I asked Rhianna when, exactly, writers are brought in:
‘It can vary wildly. These days if a game has a central narrative focus, such as adventure or role-playing games, then it’s likely that the studio will already have in-house writers and narrative designers in-house. AAA games may produce their narrative via both in-house and external writers (like myself.) However, this isn’t standard across the industry and writers can often be hired quite late in a game’s development cycle (sometimes a year to six months before a game ships) and just used to polish up a designer-written script or vainly attempt to weave a story around existing assets and mechanics. It’s what I call being a narrative paramedic. You’re hired to revive a dying story. Thankfully, this situation is starting to lessen, and writers are being hired earlier in the process. It’s still not as early as I’d like, but their skills are being recognised and used to develop the narrative alongside the gameplay, and work with it rather than against it.’
Ultimately, the developer has the final call over what goes into their game. It’s the writer’s job to bring another person’s vision to life, so it’s only natural that the final draft will look vastly different from the first. I asked Rhianna how much of her writing, on average, gets left on the cutting room floor:
‘There’s no real average. It depends on the type of game you’re writing for, the number of writers involved and the timeframe and budget of the project. In large AAA games you’ll likely be sharing the narrative load with other writers with different responsibilities – cinematics, level dialogue, secondary narrative, barks etc. you might be editing and rewriting each other’s work. In smaller games you might be writing everything yourself. Then, of course, there are unforeseen circumstances such as characters and levels being cut. I’ve worked on a game where the entire third act got cut for budgeting reasons. In those cases, quite a lot can be left on the cutting room floor.’
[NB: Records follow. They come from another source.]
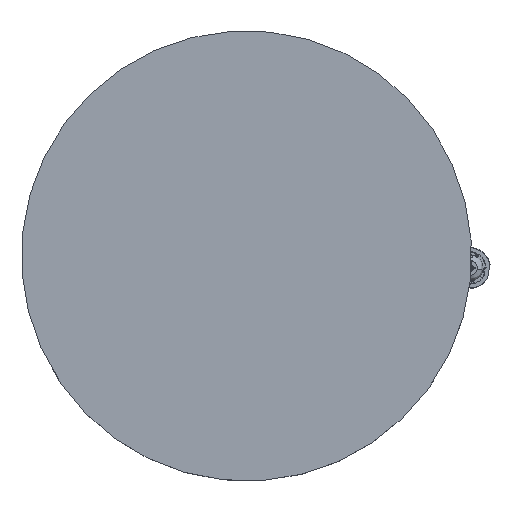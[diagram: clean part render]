
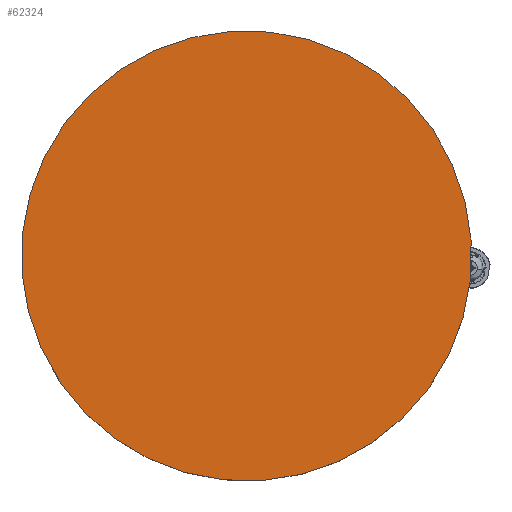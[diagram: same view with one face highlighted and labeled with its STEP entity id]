
A CAD part, top view. The second image highlights one B-rep face of the part: STEP entity #62324.
In plain terms, the highlighted planar face has unit normal (0, 0, 1).
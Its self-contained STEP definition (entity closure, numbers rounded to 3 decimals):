
#263 = DIRECTION ( 'NONE',  ( 1., 0., 0. ) ) ;
#15528 = DIRECTION ( 'NONE',  ( 0., 0., 1. ) ) ;
#18422 = AXIS2_PLACEMENT_3D ( 'NONE', #52669, #51701, #52189 ) ;
#22138 = VERTEX_POINT ( 'NONE', #64575 ) ;
#24061 = CARTESIAN_POINT ( 'NONE',  ( 550., 0., 130. ) ) ;
#24521 = PLANE ( 'NONE',  #40844 ) ;
#28741 = ORIENTED_EDGE ( 'NONE', *, *, #61859, .T. ) ;
#32007 = DIRECTION ( 'NONE',  ( 1., 0., 0. ) ) ;
#32023 = VERTEX_POINT ( 'NONE', #24061 ) ;
#38514 = FACE_OUTER_BOUND ( 'NONE', #94981, .T. ) ;
#40054 = CIRCLE ( 'NONE', #96088, 550. ) ;
#40844 = AXIS2_PLACEMENT_3D ( 'NONE', #99183, #15528, #32007 ) ;
#51701 = DIRECTION ( 'NONE',  ( 0., 0., 1. ) ) ;
#52189 = DIRECTION ( 'NONE',  ( 1., 0., 0. ) ) ;
#52669 = CARTESIAN_POINT ( 'NONE',  ( 0., 0., 130. ) ) ;
#53327 = DIRECTION ( 'NONE',  ( 0., 0., 1. ) ) ;
#59979 = CIRCLE ( 'NONE', #18422, 550. ) ;
#61859 = EDGE_CURVE ( 'NONE', #32023, #22138, #59979, .T. ) ;
#62324 = ADVANCED_FACE ( 'NONE', ( #38514 ), #24521, .T. ) ;
#64575 = CARTESIAN_POINT ( 'NONE',  ( -550., 0., 130. ) ) ;
#83210 = ORIENTED_EDGE ( 'NONE', *, *, #84530, .T. ) ;
#84530 = EDGE_CURVE ( 'NONE', #22138, #32023, #40054, .T. ) ;
#90447 = CARTESIAN_POINT ( 'NONE',  ( 0., 0., 130. ) ) ;
#94981 = EDGE_LOOP ( 'NONE', ( #83210, #28741 ) ) ;
#96088 = AXIS2_PLACEMENT_3D ( 'NONE', #90447, #53327, #263 ) ;
#99183 = CARTESIAN_POINT ( 'NONE',  ( 0., 0., 130. ) ) ;

With so many potential roadblocks and annoyances, I was curious: what was Rhianna’s favourite project to work on? On the player-side of the screen, it’s easy to paint pictures of what a game’s development was like – games that were lovingly crafted feel lovingly crafted – so I had a pretty good idea what Rhianna’s answer would be. She didn’t disappoint:
‘Probably Overlord (with Overlord II being a close second). They were developed with fairly small teams (30-40 people) so it was easier for me to work closely with the designers, artists and audio department. I also co-directed the audio on the first game (and directed the audio on the second) which was great fun to do and gave me a lot more creative control. The games also embraced humour at every level which was very appealing to me and allowed me to have a blast with the script and the actors. The Overlord games really were as fun to develop as they are to play. A rare thing!’
To conclude, I asked Rhianna what advice she’d give to aspiring video-game writers:
‘Play lots of different games. From AAA to indie games. All genres. Study the different ways that narrative is used in the game and take notice of the ways in which the mechanics, level design and art contribute to the narrative. Keep writing. Keep honing your craft. Practice, practice, practice! Read books, take classes. Immerse yourself in the world. Lastly network. Go to conferences and festivals such as GDC, Nordic Game, Reboot, E3, Develop and Anime, especially those ones with a show floor where you can meet developers and look at the projects they’re developing.’